▶ _Exercise aim_
Filter the records, keeping every line that has the string "False".

[Records from a collection]
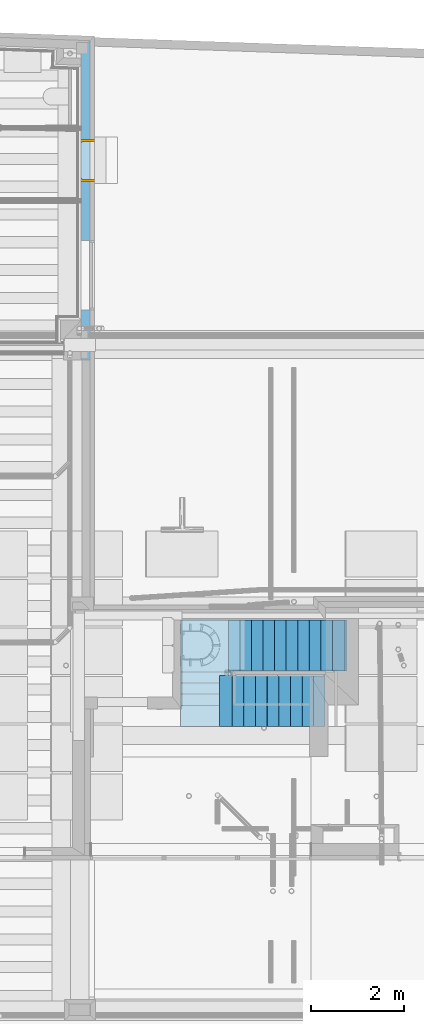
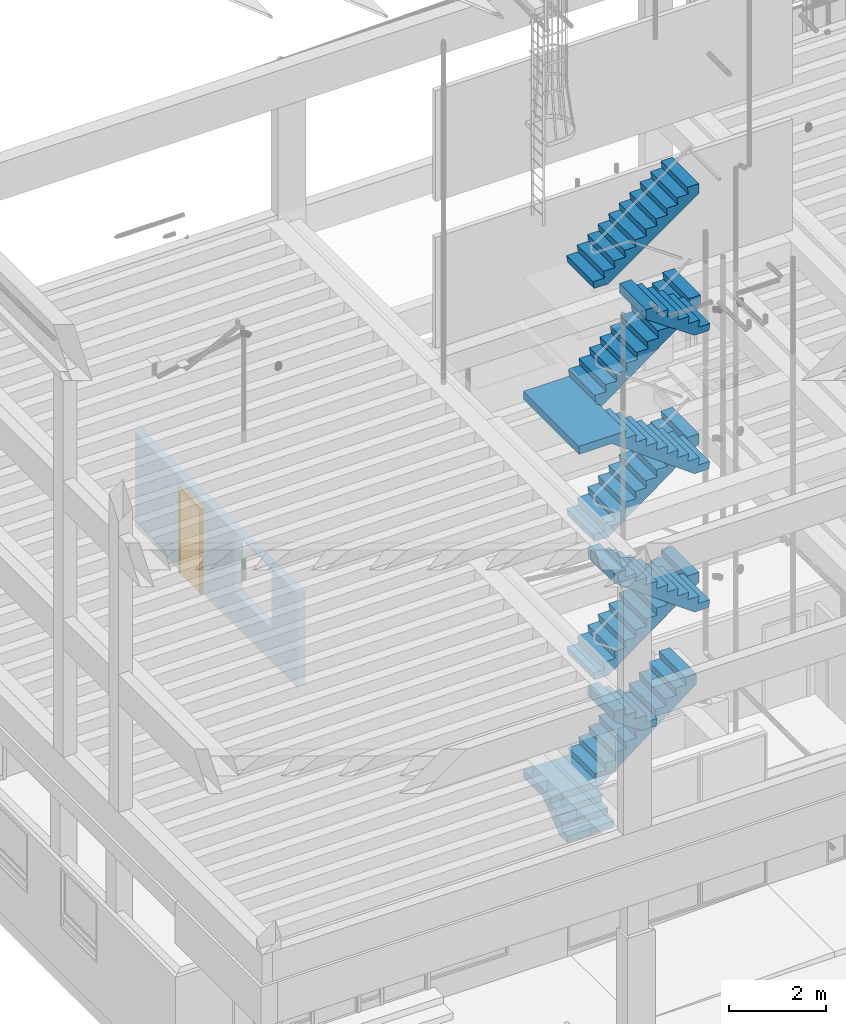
# One storey, part 25 of 106: 8 stairs, 1 door, 2 openings, plus 1 element that does not belong to this part.
"""IFC2X3 building model written with IfcOpenShell, lengths in metres."""

from ifc_helpers import new_model, entity, si_unit, converted_unit, derived_unit, money_unit, direction, frame, frame_2d, origin_with_axes, place, context, subcontext, project, spatial, polyline, rectangle, outline, extrude, faceted_brep, material, layer, layer_set, layer_usage, type_object, element, fill, save


model = new_model("IFC2X3")

# Units and contexts
model_context = context("Model", 3, precision=1e-05, world=origin_with_axes(), true_north=direction((0.0, 1.0)))
body_context = subcontext(model_context, "Body", "Model", "MODEL_VIEW", scale=1.0)
ifc_project = project(units=[si_unit("LENGTHUNIT", "METRE"), si_unit("AREAUNIT", "SQUARE_METRE"), si_unit("VOLUMEUNIT", "CUBIC_METRE"), si_unit("ABSORBEDDOSEUNIT", "GRAY"), si_unit("AMOUNTOFSUBSTANCEUNIT", "MOLE"), si_unit("DOSEEQUIVALENTUNIT", "SIEVERT"), si_unit("ELECTRICCAPACITANCEUNIT", "FARAD"), si_unit("ELECTRICCHARGEUNIT", "COULOMB"), si_unit("ELECTRICCONDUCTANCEUNIT", "SIEMENS"), si_unit("ELECTRICCURRENTUNIT", "AMPERE"), si_unit("ELECTRICRESISTANCEUNIT", "OHM"), si_unit("ELECTRICVOLTAGEUNIT", "VOLT"), si_unit("ENERGYUNIT", "JOULE"), si_unit("FORCEUNIT", "NEWTON"), si_unit("FREQUENCYUNIT", "HERTZ"), si_unit("ILLUMINANCEUNIT", "LUX"), si_unit("INDUCTANCEUNIT", "HENRY"), si_unit("LUMINOUSFLUXUNIT", "LUMEN"), si_unit("LUMINOUSINTENSITYUNIT", "CANDELA"), si_unit("MAGNETICFLUXDENSITYUNIT", "TESLA"), si_unit("MAGNETICFLUXUNIT", "WEBER"), si_unit("MASSUNIT", "GRAM"), converted_unit("PLANEANGLEUNIT", "degree", entity("IfcReal", 0.0174532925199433), si_unit("PLANEANGLEUNIT", "RADIAN"), dimensions=[0, 0, 0, 0, 0, 0, 0]), si_unit("POWERUNIT", "WATT"), si_unit("PRESSUREUNIT", "PASCAL"), si_unit("RADIOACTIVITYUNIT", "BECQUEREL"), si_unit("SOLIDANGLEUNIT", "STERADIAN"), si_unit("THERMODYNAMICTEMPERATUREUNIT", "KELVIN"), si_unit("TIMEUNIT", "SECOND"), derived_unit("ACCELERATIONUNIT", [(si_unit("LENGTHUNIT", "METRE"), 1), (si_unit("TIMEUNIT", "SECOND"), -2)]), derived_unit("ANGULARVELOCITYUNIT", [(converted_unit("PLANEANGLEUNIT", "degree", entity("IfcReal", 0.0174532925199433), si_unit("PLANEANGLEUNIT", "RADIAN"), dimensions=[0, 0, 0, 0, 0, 0, 0]), 1), (si_unit("TIMEUNIT", "SECOND"), -1)]), derived_unit("CURVATUREUNIT", [(converted_unit("PLANEANGLEUNIT", "degree", entity("IfcReal", 0.0174532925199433), si_unit("PLANEANGLEUNIT", "RADIAN"), dimensions=[0, 0, 0, 0, 0, 0, 0]), 1), (si_unit("LENGTHUNIT", "METRE"), -1)]), derived_unit("DYNAMICVISCOSITYUNIT", [(si_unit("PRESSUREUNIT", "PASCAL"), 1), (si_unit("TIMEUNIT", "SECOND"), 1)]), derived_unit("HEATFLUXDENSITYUNIT", [(si_unit("POWERUNIT", "WATT"), 1), (si_unit("LENGTHUNIT", "METRE"), -2)]), derived_unit("HEATINGVALUEUNIT", [(si_unit("ENERGYUNIT", "JOULE"), 1), (si_unit("MASSUNIT", "GRAM"), -1)]), derived_unit("INTEGERCOUNTRATEUNIT", [(si_unit("TIMEUNIT", "SECOND"), -1)]), derived_unit("IONCONCENTRATIONUNIT", [(si_unit("MASSUNIT", "GRAM"), 1), (si_unit("VOLUMEUNIT", "CUBIC_METRE"), -1)]), derived_unit("ISOTHERMALMOISTURECAPACITYUNIT", [(si_unit("VOLUMEUNIT", "CUBIC_METRE"), 1), (si_unit("MASSUNIT", "GRAM"), -1)]), derived_unit("KINEMATICVISCOSITYUNIT", [(si_unit("AREAUNIT", "SQUARE_METRE"), 1), (si_unit("TIMEUNIT", "SECOND"), -1)]), derived_unit("LINEARFORCEUNIT", [(si_unit("FORCEUNIT", "NEWTON"), 1), (si_unit("LENGTHUNIT", "METRE"), -1)]), derived_unit("LINEARMOMENTUNIT", [(si_unit("FORCEUNIT", "NEWTON"), 1), (si_unit("LENGTHUNIT", "METRE"), -1)]), derived_unit("LINEARSTIFFNESSUNIT", [(si_unit("FORCEUNIT", "NEWTON"), 1), (si_unit("LENGTHUNIT", "METRE"), -1)]), derived_unit("LINEARVELOCITYUNIT", [(si_unit("LENGTHUNIT", "METRE"), 1), (si_unit("TIMEUNIT", "SECOND"), -1)]), derived_unit("LUMINOUSINTENSITYDISTRIBUTIONUNIT", [(si_unit("LUMINOUSINTENSITYUNIT", "CANDELA"), 1), (si_unit("LUMINOUSFLUXUNIT", "LUMEN"), -1)]), derived_unit("MASSDENSITYUNIT", [(si_unit("MASSUNIT", "GRAM"), 1), (si_unit("VOLUMEUNIT", "CUBIC_METRE"), -1)]), derived_unit("MASSFLOWRATEUNIT", [(si_unit("MASSUNIT", "GRAM"), 1), (si_unit("TIMEUNIT", "SECOND"), -1)]), derived_unit("MASSPERLENGTHUNIT", [(si_unit("MASSUNIT", "GRAM"), 1), (si_unit("LENGTHUNIT", "METRE"), -1)]), derived_unit("MODULUSOFELASTICITYUNIT", [(si_unit("FORCEUNIT", "NEWTON"), 1), (si_unit("AREAUNIT", "SQUARE_METRE"), -1)]), derived_unit("MODULUSOFLINEARSUBGRADEREACTIONUNIT", [(si_unit("FORCEUNIT", "NEWTON"), 1), (si_unit("LENGTHUNIT", "METRE"), -2)]), derived_unit("MODULUSOFROTATIONALSUBGRADEREACTIONUNIT", [(si_unit("FORCEUNIT", "NEWTON"), 1), (si_unit("LENGTHUNIT", "METRE"), 1)]), derived_unit("MODULUSOFSUBGRADEREACTIONUNIT", [(si_unit("FORCEUNIT", "NEWTON"), 1), (si_unit("VOLUMEUNIT", "CUBIC_METRE"), -1)]), derived_unit("MOISTUREDIFFUSIVITYUNIT", [(si_unit("VOLUMEUNIT", "CUBIC_METRE"), 1), (si_unit("TIMEUNIT", "SECOND"), -1)]), derived_unit("MOLECULARWEIGHTUNIT", [(si_unit("MASSUNIT", "GRAM"), 1), (si_unit("AMOUNTOFSUBSTANCEUNIT", "MOLE"), -1)]), derived_unit("PLANARFORCEUNIT", [(si_unit("FORCEUNIT", "NEWTON"), 1), (si_unit("LENGTHUNIT", "METRE"), -2)]), derived_unit("ROTATIONALFREQUENCYUNIT", [(si_unit("TIMEUNIT", "SECOND"), -1)]), derived_unit("ROTATIONALMASSUNIT", [(si_unit("MASSUNIT", "GRAM"), 1), (si_unit("LENGTHUNIT", "METRE"), 2)]), derived_unit("ROTATIONALSTIFFNESSUNIT", [(si_unit("FORCEUNIT", "NEWTON"), 1), (si_unit("LENGTHUNIT", "METRE"), 1), (converted_unit("PLANEANGLEUNIT", "degree", entity("IfcReal", 0.0174532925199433), si_unit("PLANEANGLEUNIT", "RADIAN"), dimensions=[0, 0, 0, 0, 0, 0, 0]), -1)]), derived_unit("SECTIONAREAINTEGRALUNIT", [(si_unit("LENGTHUNIT", "METRE"), 5)]), derived_unit("SECTIONMODULUSUNIT", [(si_unit("LENGTHUNIT", "METRE"), 3)]), derived_unit("SHEARMODULUSUNIT", [(si_unit("FORCEUNIT", "NEWTON"), 1), (si_unit("AREAUNIT", "SQUARE_METRE"), -1)]), derived_unit("SOUNDPOWERUNIT", [(si_unit("ENERGYUNIT", "JOULE"), 1), (si_unit("TIMEUNIT", "SECOND"), -1)]), derived_unit("SPECIFICHEATCAPACITYUNIT", [(si_unit("FORCEUNIT", "NEWTON"), 1), (si_unit("MASSUNIT", "GRAM"), -1), (si_unit("THERMODYNAMICTEMPERATUREUNIT", "KELVIN"), -1)]), derived_unit("TEMPERATUREGRADIENTUNIT", [(si_unit("THERMODYNAMICTEMPERATUREUNIT", "KELVIN"), 1), (si_unit("LENGTHUNIT", "METRE"), -1)]), derived_unit("THERMALADMITTANCEUNIT", [(si_unit("POWERUNIT", "WATT"), 1), (si_unit("AREAUNIT", "SQUARE_METRE"), -1), (si_unit("THERMODYNAMICTEMPERATUREUNIT", "KELVIN"), -1)]), derived_unit("THERMALCONDUCTANCEUNIT", [(si_unit("POWERUNIT", "WATT"), 1), (si_unit("LENGTHUNIT", "METRE"), -1), (si_unit("THERMODYNAMICTEMPERATUREUNIT", "KELVIN"), -1)]), derived_unit("THERMALEXPANSIONCOEFFICIENTUNIT", [(si_unit("THERMODYNAMICTEMPERATUREUNIT", "KELVIN"), -1)]), derived_unit("THERMALRESISTANCEUNIT", [(si_unit("AREAUNIT", "SQUARE_METRE"), 1), (si_unit("POWERUNIT", "WATT"), -1)]), derived_unit("THERMALTRANSMITTANCEUNIT", [(si_unit("POWERUNIT", "WATT"), 1), (si_unit("AREAUNIT", "SQUARE_METRE"), -1), (si_unit("THERMODYNAMICTEMPERATUREUNIT", "KELVIN"), -1)]), derived_unit("TORQUEUNIT", [(si_unit("FORCEUNIT", "NEWTON"), 1), (si_unit("LENGTHUNIT", "METRE"), 1)]), derived_unit("VAPORPERMEABILITYUNIT", [(si_unit("MASSUNIT", "GRAM"), 1), (si_unit("TIMEUNIT", "SECOND"), -1)]), derived_unit("VOLUMETRICFLOWRATEUNIT", [(si_unit("VOLUMEUNIT", "CUBIC_METRE"), 1), (si_unit("TIMEUNIT", "SECOND"), -1)]), derived_unit("WARPINGCONSTANTUNIT", [(si_unit("LENGTHUNIT", "METRE"), 6)]), derived_unit("WARPINGMOMENTUNIT", [(si_unit("FORCEUNIT", "NEWTON"), 1), (si_unit("LENGTHUNIT", "METRE"), 2)]), money_unit("GBP")], contexts=[model_context])

# Site, building, storey
site_placement = place(None, origin_with_axes())
site = spatial("IfcSite", under=ifc_project, at=site_placement, Name="Site", CompositionType="ELEMENT")
building_placement = place(site_placement, origin_with_axes())
building = spatial("IfcBuilding", under=site, at=building_placement, Name="Building01", CompositionType="ELEMENT")
storey_placement = place(building_placement, origin_with_axes())
storey = spatial("IfcBuildingStorey", under=building, at=storey_placement, Name="GF", CompositionType="ELEMENT", Elevation=0.0)

# Wall, openings
ifc_material_1 = material(Name="A_BSUK_WallsExternal_Block")
ifc_layer = layer(ifc_material_1, 0.189, ventilated=False)
ifc_layer_set = layer_set([ifc_layer])
ifc_layer_usage = layer_usage(ifc_layer_set, "AXIS2", "POSITIVE", 0.0)
wall_type = type_object("IfcWallType", Name="A-Walls-ExternalBlock", PredefinedType="NOTDEFINED")
wall_placement = place(storey_placement, frame((9.343265, 14.271539, 0.148), z_axis=(0.0, 0.0, 1.0), x_axis=(0.0, 1.0, 0.0)))
wall = element("IfcWallStandardCase", 1, at=wall_placement, inside=storey, type_object=wall_type, material=ifc_layer_usage, Name="A-Walls-ExternalBlock", ObjectType="A-Walls-ExternalBlock", context=body_context, shape_type="SweptSolid", body=[
    extrude(outline(polyline([(6.714401, 0.189), (0.0, 0.189), (0.0, 0.0), (6.894519, 0.0), (6.714401, 0.189)])), origin_with_axes(), (0.0, 0.0, 1.0), 2.387),
])
opening_1_placement = place(wall_placement, frame((1.073273, 0.0, 0.85), z_axis=(0.0, 0.0, 1.0), x_axis=(1.0, 0.0, 0.0)))
element("IfcOpeningElement", 2, at=opening_1_placement, cuts=wall, Name="Opening", ObjectType="Opening", context=body_context, shape_type="SweptSolid", body=[
    extrude(rectangle(XDim=1.5, YDim=1.5, at=frame_2d((-0.75, 0.75), x_axis=(1.0, 0.0))), frame((0.0, 0.0, 0.0), z_axis=(0.0, 1.0, 0.0), x_axis=(-1.0, 0.0, 0.0)), (0.0, 0.0, 1.0), 0.189),
])
opening_2_placement = place(wall_placement, frame((3.852568, 0.0, 0.05), z_axis=(0.0, 0.0, 1.0), x_axis=(1.0, 0.0, 0.0)))
opening_2 = element("IfcOpeningElement", 3, at=opening_2_placement, cuts=wall, Name="Opening", ObjectType="Opening", context=body_context, shape_type="SweptSolid", body=[
    extrude(rectangle(XDim=2.142, YDim=0.909, at=frame_2d((-0.4545, 1.071), x_axis=(0.0, -1.0))), frame((0.0, 0.0, 0.0), z_axis=(0.0, 1.0, 0.0), x_axis=(-1.0, 0.0, 0.0)), (0.0, 0.0, 1.0), 0.189),
])

# Space
space_placement = place(storey_placement, frame((8.552822, 20.936203, 0.217025), z_axis=(0.0, 0.0, 1.0), x_axis=(-0.99931258, 0.03707243, 0.0)))
space = spatial("IfcSpace", under=storey, at=space_placement, Name="01", CompositionType="ELEMENT", InteriorOrExteriorSpace="NOTDEFINED")

# Door
ifc_material_2 = material(Name="A_BSUK_Doors")
door_style = type_object("IfcDoorStyle", Name="A-Doors-SingleFlush", ConstructionType="USERDEFINED", OperationType="SINGLE_SWING_LEFT", ParameterTakesPrecedence=False, Sizeable=False)
door_placement = place(opening_2_placement, frame((0.042, 0.259849, 0.0), z_axis=(0.0, 0.0, 1.0), x_axis=(1.0, 0.0, 0.0)))
door = element("IfcDoor", 4, at=door_placement, inside=space, type_object=door_style, material=ifc_material_2, Name="0.08", ObjectType="A-Doors-SingleFlush", OverallHeight=2.142, OverallWidth=0.909, context=body_context, shape_type="Brep", body=[
    faceted_brep([(0.0, -0.379, 2.1), (0.825, -0.379, 2.1), (0.825, -0.379, 0.0), (0.894, -0.379, 0.0), (0.894, -0.379, 2.169), (-0.069, -0.379, 2.169), (-0.069, -0.379, 0.0), (0.0, -0.379, 0.0), (0.894, -0.36, 2.169), (0.894, -0.36, 0.0), (-0.069, -0.36, 0.0), (-0.069, -0.36, 2.169), (-0.042, -0.36, 0.0), (-0.042, 0.0, 0.0), (-0.069, 0.0, 0.0), (-0.069, 0.019, 0.0), (0.0, 0.019, 0.0), (0.0, 0.019, 2.1), (0.825, 0.019, 2.1), (-0.069, 0.019, 2.169), (0.894, 0.019, 2.169), (0.894, 0.019, 0.0), (0.825, 0.019, 0.0), (-0.069, 0.0, 2.169), (-0.042, 0.0, 2.142), (-0.042, -0.36, 2.142), (0.867, 0.0, 2.142), (0.867, -0.36, 2.142), (0.867, -0.36, 0.0), (0.867, 0.0, 0.0), (0.894, 0.0, 0.0), (0.894, 0.0, 2.169)], [[[0, 1, 2, 3, 4, 5, 6, 7]], [[8, 4, 3, 9]], [[10, 6, 5, 11]], [[11, 5, 4, 8]], [[7, 6, 10, 12, 13, 14, 15, 16]], [[7, 16, 17, 0]], [[0, 17, 18, 1]], [[17, 16, 15, 19, 20, 21, 22, 18]], [[1, 18, 22, 2]], [[14, 23, 19, 15]], [[24, 13, 12, 25]], [[26, 24, 25, 27]], [[11, 8, 9, 28, 27, 25, 12, 10]], [[27, 28, 29, 26]], [[26, 29, 30, 31, 23, 14, 13, 24]], [[22, 21, 30, 29, 28, 9, 3, 2]], [[30, 21, 20, 31]], [[31, 20, 19, 23]]]),
    faceted_brep([(0.825, -0.09, 0.0), (0.825, -0.04, 0.0), (0.825, -0.04, 2.1), (0.825, -0.09, 2.1), (0.025, -0.09, 2.075), (0.8, -0.09, 2.075), (0.8, -0.09, 0.0), (0.0, -0.09, 2.1), (0.0, -0.09, 0.0), (0.025, -0.09, 0.0), (0.0, -0.04, 0.0), (0.025, -0.04, 0.0), (0.0, -0.04, 2.1), (0.025, -0.04, 2.075), (0.8, -0.04, 0.0), (0.8, -0.04, 2.075)], [[[0, 1, 2, 3]], [[4, 5, 6, 0, 3, 7, 8, 9]], [[9, 8, 10, 11]], [[3, 2, 12, 7]], [[7, 12, 10, 8]], [[13, 11, 10, 12, 2, 1, 14, 15]], [[5, 15, 14, 6]], [[14, 1, 0, 6]], [[9, 11, 13, 4]], [[4, 13, 15, 5]]]),
    faceted_brep([(0.0, -0.04, 2.1), (0.0, 0.0, 2.1), (0.0, 0.0, 0.0), (0.0, -0.04, 0.0), (0.825, -0.04, 0.0), (0.825, 0.0, 0.0), (0.825, 0.0, 2.1), (0.825, -0.04, 2.1)], [[[0, 1, 2, 3]], [[4, 5, 6, 7]], [[3, 2, 5, 4]], [[3, 4, 7, 0]], [[7, 6, 1, 0]], [[1, 6, 5, 2]]]),
])

fill(opening_2, door)

# Stairs
ifc_material_3 = material(Name="S_BSUK_Stairs")
stair_1_placement = place(storey_placement, frame((14.405859, 6.35, 12.13), z_axis=(0.0, 0.0, 1.0), x_axis=(1.0, 0.0, 0.0)))
element("IfcStair", 5, at=stair_1_placement, inside=storey, material=ifc_material_3, Name="S-Stairs-ConcreteRC", ObjectType="S-Stairs-ConcreteRC", ShapeType="NOTDEFINED", context=body_context, shape_type="Brep", body=[
    faceted_brep([(0.0, 1.1, 0.0), (-0.348759, 1.1, 0.0), (-1.5, 1.1, 0.805869), (-1.5, 1.1, 1.05), (-1.225, 1.1, 1.05), (-1.25, 1.1, 0.875), (-0.975, 1.1, 0.875), (-1.0, 1.1, 0.7), (-0.725, 1.1, 0.7), (-0.75, 1.1, 0.525), (-0.475, 1.1, 0.525), (-0.5, 1.1, 0.35), (-0.225, 1.1, 0.35), (-0.25, 1.1, 0.175), (0.025, 1.1, 0.175), (0.0, 0.0, 0.0), (-0.348759, 0.0, 0.0), (-1.5, 0.0, 0.805869), (-1.5, 0.0, 1.05), (-1.225, 0.0, 1.05), (-1.25, 0.0, 0.875), (-0.975, 0.0, 0.875), (-1.0, 0.0, 0.7), (-0.725, 0.0, 0.7), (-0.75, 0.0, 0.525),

▶ _Solution to the problem_
ifc_layer = layer(ifc_material_1, 0.189, ventilated=False)
door_style = type_object("IfcDoorStyle", Name="A-Doors-SingleFlush", ConstructionType="USERDEFINED", OperationType="SINGLE_SWING_LEFT", ParameterTakesPrecedence=False, Sizeable=False)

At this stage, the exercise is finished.